## TASK
Up to and including the line that contains "doc.styles.add('Arial', font='txt')", write out every line of the entries exactly, beginning with the first. Omit the pictures.

## RECORDS SHOWN

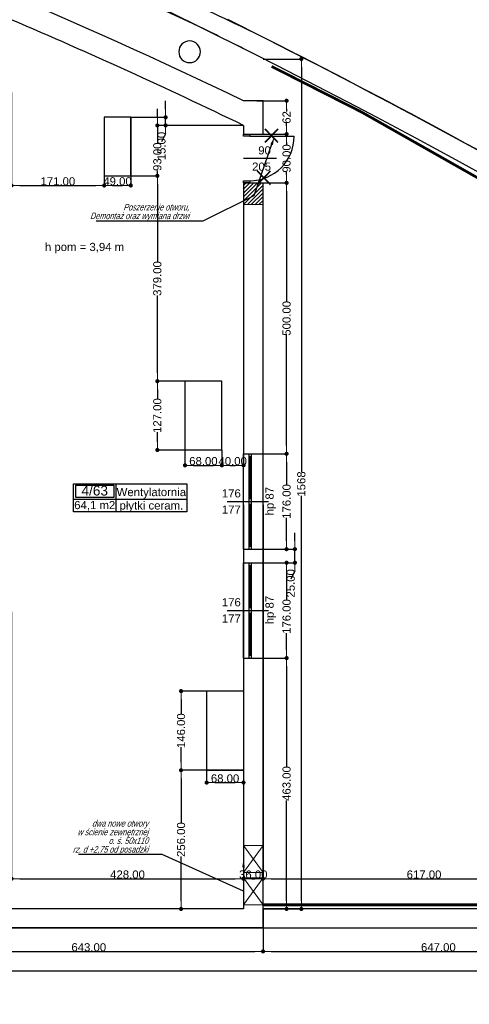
# Model space of a CAD drawing. Header units: millimetres. Extents: x -175445 to -20415, y -559200 to 231527.
# Tile 127 of 256: x -85768 to -77472, y -180731 to -162559. Entities that reach past the tile are written whole.
import ezdxf
from ezdxf import colors
from ezdxf.entities.mleader import LeaderData, LeaderLine
from ezdxf.enums import TextEntityAlignment as Align
from ezdxf.lldxf.tags import DXFTag
from ezdxf.math import Vec2, Vec3

# ---------------------------------------------------------------- set-up
doc = ezdxf.new("R2010")
doc.units = ezdxf.units.MM
doc.header["$MEASUREMENT"] = 0
doc.linetypes.add('Wipeout_Contour', pattern=[1000, 0, -1000])
for name, color, linetype in [('Drzwi', 7, 'Continuous'), ('Obiekt', 7, 'Continuous'), ('Okno', 7, 'Continuous'), ('Strefa', 9, 'Continuous'), ('Strop', 7, 'Continuous'), ('Słup', 7, 'Continuous'), ('Tekst', 7, 'Continuous'), ('Wymiary', 9, 'Continuous'), ('Ściana', 7, 'Continuous')]:
    doc.layers.add(name, color=color, linetype=linetype)
doc.layers.add('PAB - opisy ogólne', color=7, linetype='Continuous', lineweight=18)
doc.layers.add('PT - otworowanie ściana', color=6, linetype='Continuous', lineweight=18)
doc.styles.add('Arial', font='txt')
doc.styles.add('ROMANS-ITALIC', font='ariali.ttf', dxfattribs={"width": 0.7, "oblique": 12})
doc.styles.add('Times new roman', font='txt')
tags = doc.linetypes.add('DASH', pattern=[15, 10, -5]).pattern_tags.tags
tags[6:7] = [DXFTag(74, 4), DXFTag(75, 0), DXFTag(340, '0'), DXFTag(46, 0.0), DXFTag(50, 0.0), DXFTag(44, 0.0), DXFTag(45, 0.0)]
tags[4:5] = [DXFTag(74, 4), DXFTag(75, 0), DXFTag(340, '0'), DXFTag(46, 0.0), DXFTag(50, 0.0), DXFTag(44, 0.0), DXFTag(45, 0.0)]
doc.dimstyles.new('GENERATED_STYLE__1', dxfattribs={"dimtxt": 150, "dimasz": 152, "dimexe": 0.18, "dimexo": 0, "dimgap": 0.09, "dimtad": 1, "dimtih": 1, "dimtoh": 1, "dimlfac": 0.1, "dimzin": 0, "dimdsep": 46, "dimtxsty": 'Arial', "dimblk": 'ARROWHEAD_11', "dimblk1": 'ARROWHEAD_11', "dimblk2": 'ARROWHEAD_11', "dimcen": 0.09, "dimclrd": 256, "dimclre": 256, "dimclrt": 256, "dimazin": 0, "dimtfac": 1, "dimtdec": 4, "dimtmove": 0, "dimatfit": 3, "dimfxl": 1, "dimtolj": 1, "dimtzin": 0, "dimarcsym": 0})
doc.dimstyles.new('GENERATED_STYLE__2', dxfattribs={"dimtxt": 150, "dimasz": 152, "dimexe": 0.18, "dimexo": 0, "dimgap": 0.09, "dimtad": 1, "dimlfac": 0.1, "dimzin": 0, "dimdsep": 46, "dimtxsty": 'Arial', "dimblk": 'ARROWHEAD_11', "dimblk1": 'ARROWHEAD_11', "dimblk2": 'ARROWHEAD_11', "dimcen": 0.09, "dimclrd": 256, "dimclre": 256, "dimclrt": 256, "dimazin": 0, "dimtfac": 1, "dimtdec": 4, "dimtmove": 0, "dimatfit": 3, "dimfxl": 1, "dimtolj": 1, "dimtzin": 0, "dimarcsym": 0})

# ---------------------------------------------------------------- blocks, each defined once
blk = doc.blocks.new('Wentylatornia_4_63_63', base_point=(-83994, 23964))
at = {"layer": 'Strefa'}
for p, q in [((-84773, 24247), (-82683, 24247)), ((-84773, 23729), (-84773, 24247)), ((-84734, 24221), (-84033, 24221)), ((-84734, 23995), (-84734, 24221)), ((-84033, 24221), (-84033, 23995)), ((-83994, 24247), (-83994, 23729)), ((-82683, 24247), (-82683, 23729)), ((-84033, 23995), (-84734, 23995)), ((-84773, 23964), (-82683, 23964)), ((-82683, 23729), (-84773, 23729))]:
    blk.add_line(p, q, dxfattribs=at)
at = {"layer": 'Strefa', "style": 'Arial'}
for tag, height, p in [('ROOM_NUMBER', 180, (-84383, 24119)), ('ROOM_NAME', 150, (-83338, 24093)), ('ROOM_CALC_AREA', 150, (-84383, 23852)), ('floor_f', 150, (-83338, 23845))]:
    blk.add_attdef(tag, text='', height=height, dxfattribs=at).set_placement(p, align=Align.MIDDLE_CENTER)
blk = doc.blocks.new('ARROWHEAD_11')
at = {"color": 0, "linetype": 'Continuous', "lineweight": 0}
blk.add_line((0, 0), (-1, 0), dxfattribs=at)
at = {"color": 0, "linetype": 'Continuous', "lineweight": 0, "const_width": 0.25, "flags": 128}
blk.add_lwpolyline([(-0.125, 0, 1), (0.125, 0, 1)], format="xyb", close=True, dxfattribs=at)
blk = doc.blocks.new('*D1138')
at = {"layer": 'Defpoints', "color": 0}
for p in [(-81638, -171513), (-85918, -173486), (-81638, -178413)]:
    blk.add_point(p, dxfattribs=at)
at = {"layer": 'Wymiary', "lineweight": -2}
for p, q in [((-81638, -171513), (-81638, -178413)), ((-85918, -173486), (-85918, -178413)), ((-85766, -178413), (-81790, -178413))]:
    blk.add_line(p, q, dxfattribs=at)
at = {"layer": 'Wymiary', "lineweight": -2, "xscale": 152, "yscale": 152, "zscale": 152, "rotation": 180}
blk.add_blockref('ARROWHEAD_11', (-85918, -178413), dxfattribs=at)
at = {"layer": 'Wymiary', "lineweight": -2, "xscale": 152, "yscale": 152, "zscale": 152}
blk.add_blockref('ARROWHEAD_11', (-81638, -178413), dxfattribs=at)
at = {"layer": 'Wymiary', "lineweight": 13, "insert": (-83778, -178336), "char_height": 150, "attachment_point": 5, "style": 'Arial'}
blk.add_mtext('\\A1;428.00', dxfattribs=at)
blk = doc.blocks.new('*D1139')
at = {"layer": 'Defpoints', "color": 0}
for p in [(-81638, -171513), (-81278, -171513), (-81278, -178413)]:
    blk.add_point(p, dxfattribs=at)
at = {"layer": 'Wymiary', "lineweight": -2}
for p, q in [((-81638, -171513), (-81638, -178413)), ((-81278, -171513), (-81278, -178413)), ((-81486, -178413), (-81430, -178413))]:
    blk.add_line(p, q, dxfattribs=at)
at = {"layer": 'Wymiary', "lineweight": -2, "xscale": 152, "yscale": 152, "zscale": 152, "rotation": 180}
blk.add_blockref('ARROWHEAD_11', (-81638, -178413), dxfattribs=at)
at = {"layer": 'Wymiary', "lineweight": -2, "xscale": 152, "yscale": 152, "zscale": 152}
blk.add_blockref('ARROWHEAD_11', (-81278, -178413), dxfattribs=at)
at = {"layer": 'Wymiary', "lineweight": 13, "insert": (-81458, -178336), "char_height": 150, "attachment_point": 5, "style": 'Arial'}
blk.add_mtext('\\A1;36.00', dxfattribs=at)
blk = doc.blocks.new('*D1140')
at = {"layer": 'Defpoints', "color": 0}
for p in [(-81278, -171513), (-75108, -176623), (-75108, -178413)]:
    blk.add_point(p, dxfattribs=at)
at = {"layer": 'Wymiary', "lineweight": -2}
for p, q in [((-81278, -171513), (-81278, -178413)), ((-75108, -176623), (-75108, -178413)), ((-81126, -178413), (-75260, -178413))]:
    blk.add_line(p, q, dxfattribs=at)
at = {"layer": 'Wymiary', "lineweight": -2, "xscale": 152, "yscale": 152, "zscale": 152, "rotation": 180}
blk.add_blockref('ARROWHEAD_11', (-81278, -178413), dxfattribs=at)
at = {"layer": 'Wymiary', "lineweight": -2, "xscale": 152, "yscale": 152, "zscale": 152}
blk.add_blockref('ARROWHEAD_11', (-75108, -178413), dxfattribs=at)
at = {"layer": 'Wymiary', "lineweight": 13, "insert": (-78307, -178336), "char_height": 150, "attachment_point": 5, "style": 'Arial'}
blk.add_mtext('\\A1;617.00', dxfattribs=at)
blk = doc.blocks.new('*D1732')
at = {"layer": 'Defpoints', "color": 0}
for p in [(-87708, -179321), (-81278, -179321), (-81278, -179755)]:
    blk.add_point(p, dxfattribs=at)
at = {"layer": 'Wymiary', "lineweight": -2}
for p, q in [((-87708, -179321), (-87708, -179755)), ((-81278, -179321), (-81278, -179755)), ((-87556, -179755), (-81430, -179755))]:
    blk.add_line(p, q, dxfattribs=at)
at = {"layer": 'Wymiary', "lineweight": -2, "xscale": 152, "yscale": 152, "zscale": 152, "rotation": 180}
blk.add_blockref('ARROWHEAD_11', (-87708, -179755), dxfattribs=at)
at = {"layer": 'Wymiary', "lineweight": -2, "xscale": 152, "yscale": 152, "zscale": 152}
blk.add_blockref('ARROWHEAD_11', (-81278, -179755), dxfattribs=at)
at = {"layer": 'Wymiary', "lineweight": 13, "insert": (-84493, -179679), "char_height": 150, "attachment_point": 5, "style": 'Arial'}
blk.add_mtext('\\A1;643.00', dxfattribs=at)
blk = doc.blocks.new('*D1733')
at = {"layer": 'Defpoints', "color": 0}
for p in [(-81278, -179321), (-74808, -179321), (-74808, -179755)]:
    blk.add_point(p, dxfattribs=at)
at = {"layer": 'Wymiary', "lineweight": -2}
for p, q in [((-81278, -179321), (-81278, -179755)), ((-74808, -179321), (-74808, -179755)), ((-81126, -179755), (-74960, -179755))]:
    blk.add_line(p, q, dxfattribs=at)
at = {"layer": 'Wymiary', "lineweight": -2, "xscale": 152, "yscale": 152, "zscale": 152, "rotation": 180}
blk.add_blockref('ARROWHEAD_11', (-81278, -179755), dxfattribs=at)
at = {"layer": 'Wymiary', "lineweight": -2, "xscale": 152, "yscale": 152, "zscale": 152}
blk.add_blockref('ARROWHEAD_11', (-74808, -179755), dxfattribs=at)
at = {"layer": 'Wymiary', "lineweight": 13, "insert": (-78043, -179679), "char_height": 150, "attachment_point": 5, "style": 'Arial'}
blk.add_mtext('\\A1;647.00', dxfattribs=at)
blk = doc.blocks.new('*D1735')
at = {"layer": 'Defpoints', "color": 0}
for p in [(-67558, -174461), (-67558, -180112), (-140258, -180731)]:
    blk.add_point(p, dxfattribs=at)
at = {"layer": 'Wymiary', "lineweight": -2}
for p, q in [((-67558, -174461), (-67558, -180112)), ((-140258, -180731), (-140258, -180112)), ((-140106, -180112), (-67710, -180112))]:
    blk.add_line(p, q, dxfattribs=at)
at = {"layer": 'Wymiary', "lineweight": -2, "xscale": 152, "yscale": 152, "zscale": 152, "rotation": 180}
blk.add_blockref('ARROWHEAD_11', (-140258, -180112), dxfattribs=at)
at = {"layer": 'Wymiary', "lineweight": -2, "xscale": 152, "yscale": 152, "zscale": 152}
blk.add_blockref('ARROWHEAD_11', (-67558, -180112), dxfattribs=at)
at = {"layer": 'Wymiary', "lineweight": 13, "insert": (-103908, -180036), "char_height": 150, "attachment_point": 5, "style": 'Arial'}
blk.add_mtext('\\A1;7270.01', dxfattribs=at)
blk = doc.blocks.new('*D1736')
at = {"layer": 'Defpoints', "color": 0}
for p in [(-85918, -163901), (-84208, -164361), (-84208, -165620)]:
    blk.add_point(p, dxfattribs=at)
at = {"layer": 'Wymiary', "lineweight": -2}
for p, q in [((-85918, -163901), (-85918, -165620)), ((-84208, -164361), (-84208, -165620)), ((-85766, -165620), (-84360, -165620))]:
    blk.add_line(p, q, dxfattribs=at)
at = {"layer": 'Wymiary', "lineweight": -2, "xscale": 152, "yscale": 152, "zscale": 152, "rotation": 180}
blk.add_blockref('ARROWHEAD_11', (-85918, -165620), dxfattribs=at)
at = {"layer": 'Wymiary', "lineweight": -2, "xscale": 152, "yscale": 152, "zscale": 152}
blk.add_blockref('ARROWHEAD_11', (-84208, -165620), dxfattribs=at)
at = {"layer": 'Wymiary', "lineweight": 13, "insert": (-85063, -165543), "char_height": 150, "attachment_point": 5, "style": 'Arial'}
blk.add_mtext('\\A1;171.00', dxfattribs=at)
blk = doc.blocks.new('*D1737')
at = {"layer": 'Defpoints', "color": 0}
for p in [(-84208, -164361), (-83718, -164361), (-83718, -165620)]:
    blk.add_point(p, dxfattribs=at)
at = {"layer": 'Wymiary', "lineweight": -2}
for p, q in [((-84208, -164361), (-84208, -165620)), ((-83718, -164361), (-83718, -165620)), ((-84056, -165620), (-83870, -165620))]:
    blk.add_line(p, q, dxfattribs=at)
at = {"layer": 'Wymiary', "lineweight": -2, "xscale": 152, "yscale": 152, "zscale": 152, "rotation": 180}
blk.add_blockref('ARROWHEAD_11', (-84208, -165620), dxfattribs=at)
at = {"layer": 'Wymiary', "lineweight": -2, "xscale": 152, "yscale": 152, "zscale": 152}
blk.add_blockref('ARROWHEAD_11', (-83718, -165620), dxfattribs=at)
at = {"layer": 'Wymiary', "lineweight": 13, "insert": (-83963, -165543), "char_height": 150, "attachment_point": 5, "style": 'Arial'}
blk.add_mtext('\\A1;49.00', dxfattribs=at)
blk = doc.blocks.new('*D1738')
at = {"layer": 'Defpoints', "color": 0}
for p in [(-82790, -176411), (-81638, -176411), (-81638, -178971)]:
    blk.add_point(p, dxfattribs=at)
at = {"layer": 'Wymiary', "lineweight": -2}
for p, q in [((-81638, -176411), (-82790, -176411)), ((-82790, -176563), (-82790, -177378)), ((-82790, -178819), (-82790, -178003)), ((-81638, -178971), (-82790, -178971))]:
    blk.add_line(p, q, dxfattribs=at)
at = {"layer": 'Wymiary', "lineweight": -2, "xscale": 152, "yscale": 152, "zscale": 152}
for p, rotation in [((-82790, -176411), 90), ((-82790, -178971), 270)]:
    blk.add_blockref('ARROWHEAD_11', p, dxfattribs=dict(at, rotation=rotation))
at = {"layer": 'Wymiary', "lineweight": 13, "insert": (-82790, -177691), "char_height": 150, "attachment_point": 5, "rotation": 90, "style": 'Arial'}
blk.add_mtext('\\A1;256.00', dxfattribs=at)
blk = doc.blocks.new('*D1739')
at = {"layer": 'Defpoints', "color": 0}
for p in [(-82790, -174951), (-82318, -174951), (-81638, -176411)]:
    blk.add_point(p, dxfattribs=at)
at = {"layer": 'Wymiary', "lineweight": -2}
for p, q in [((-82318, -174951), (-82790, -174951)), ((-82790, -175103), (-82790, -175377)), ((-82790, -176259), (-82790, -175985)), ((-81638, -176411), (-82790, -176411))]:
    blk.add_line(p, q, dxfattribs=at)
at = {"layer": 'Wymiary', "lineweight": -2, "xscale": 152, "yscale": 152, "zscale": 152}
for p, rotation in [((-82790, -174951), 90), ((-82790, -176411), 270)]:
    blk.add_blockref('ARROWHEAD_11', p, dxfattribs=dict(at, rotation=rotation))
at = {"layer": 'Wymiary', "lineweight": 13, "insert": (-82790, -175681), "char_height": 150, "attachment_point": 5, "rotation": 90, "style": 'Arial'}
blk.add_mtext('\\A1;146.00', dxfattribs=at)
blk = doc.blocks.new('*D1740')
at = {"layer": 'Defpoints', "color": 0}
for p in [(-82318, -176411), (-81638, -176411), (-81638, -176639)]:
    blk.add_point(p, dxfattribs=at)
at = {"layer": 'Wymiary', "lineweight": -2}
for p, q in [((-82318, -176411), (-82318, -176640)), ((-81638, -176411), (-81638, -176640)), ((-82166, -176639), (-81790, -176639))]:
    blk.add_line(p, q, dxfattribs=at)
at = {"layer": 'Wymiary', "lineweight": -2, "xscale": 152, "yscale": 152, "zscale": 152, "rotation": 180}
blk.add_blockref('ARROWHEAD_11', (-82318, -176639), dxfattribs=at)
at = {"layer": 'Wymiary', "lineweight": -2, "xscale": 152, "yscale": 152, "zscale": 152}
blk.add_blockref('ARROWHEAD_11', (-81638, -176639), dxfattribs=at)
at = {"layer": 'Wymiary', "lineweight": 13, "insert": (-81978, -176563), "char_height": 150, "attachment_point": 5, "style": 'Arial'}
blk.add_mtext('\\A1;68.00', dxfattribs=at)
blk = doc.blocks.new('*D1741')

## WRITTEN SOLUTION
# Model space of a CAD drawing. Header units: millimetres. Extents: x -175445 to -20415, y -559200 to 231527.
# Tile 127 of 256: x -85768 to -77472, y -180731 to -162559. Entities that reach past the tile are written whole.
import ezdxf
from ezdxf import colors
from ezdxf.entities.mleader import LeaderData, LeaderLine
from ezdxf.enums import TextEntityAlignment as Align
from ezdxf.lldxf.tags import DXFTag
from ezdxf.math import Vec2, Vec3

# ---------------------------------------------------------------- set-up
doc = ezdxf.new("R2010")
doc.units = ezdxf.units.MM
doc.header["$MEASUREMENT"] = 0
doc.linetypes.add('Wipeout_Contour', pattern=[1000, 0, -1000])
for name, color, linetype in [('Drzwi', 7, 'Continuous'), ('Obiekt', 7, 'Continuous'), ('Okno', 7, 'Continuous'), ('Strefa', 9, 'Continuous'), ('Strop', 7, 'Continuous'), ('Słup', 7, 'Continuous'), ('Tekst', 7, 'Continuous'), ('Wymiary', 9, 'Continuous'), ('Ściana', 7, 'Continuous')]:
    doc.layers.add(name, color=color, linetype=linetype)
doc.layers.add('PAB - opisy ogólne', color=7, linetype='Continuous', lineweight=18)
doc.layers.add('PT - otworowanie ściana', color=6, linetype='Continuous', lineweight=18)
doc.styles.add('Arial', font='txt')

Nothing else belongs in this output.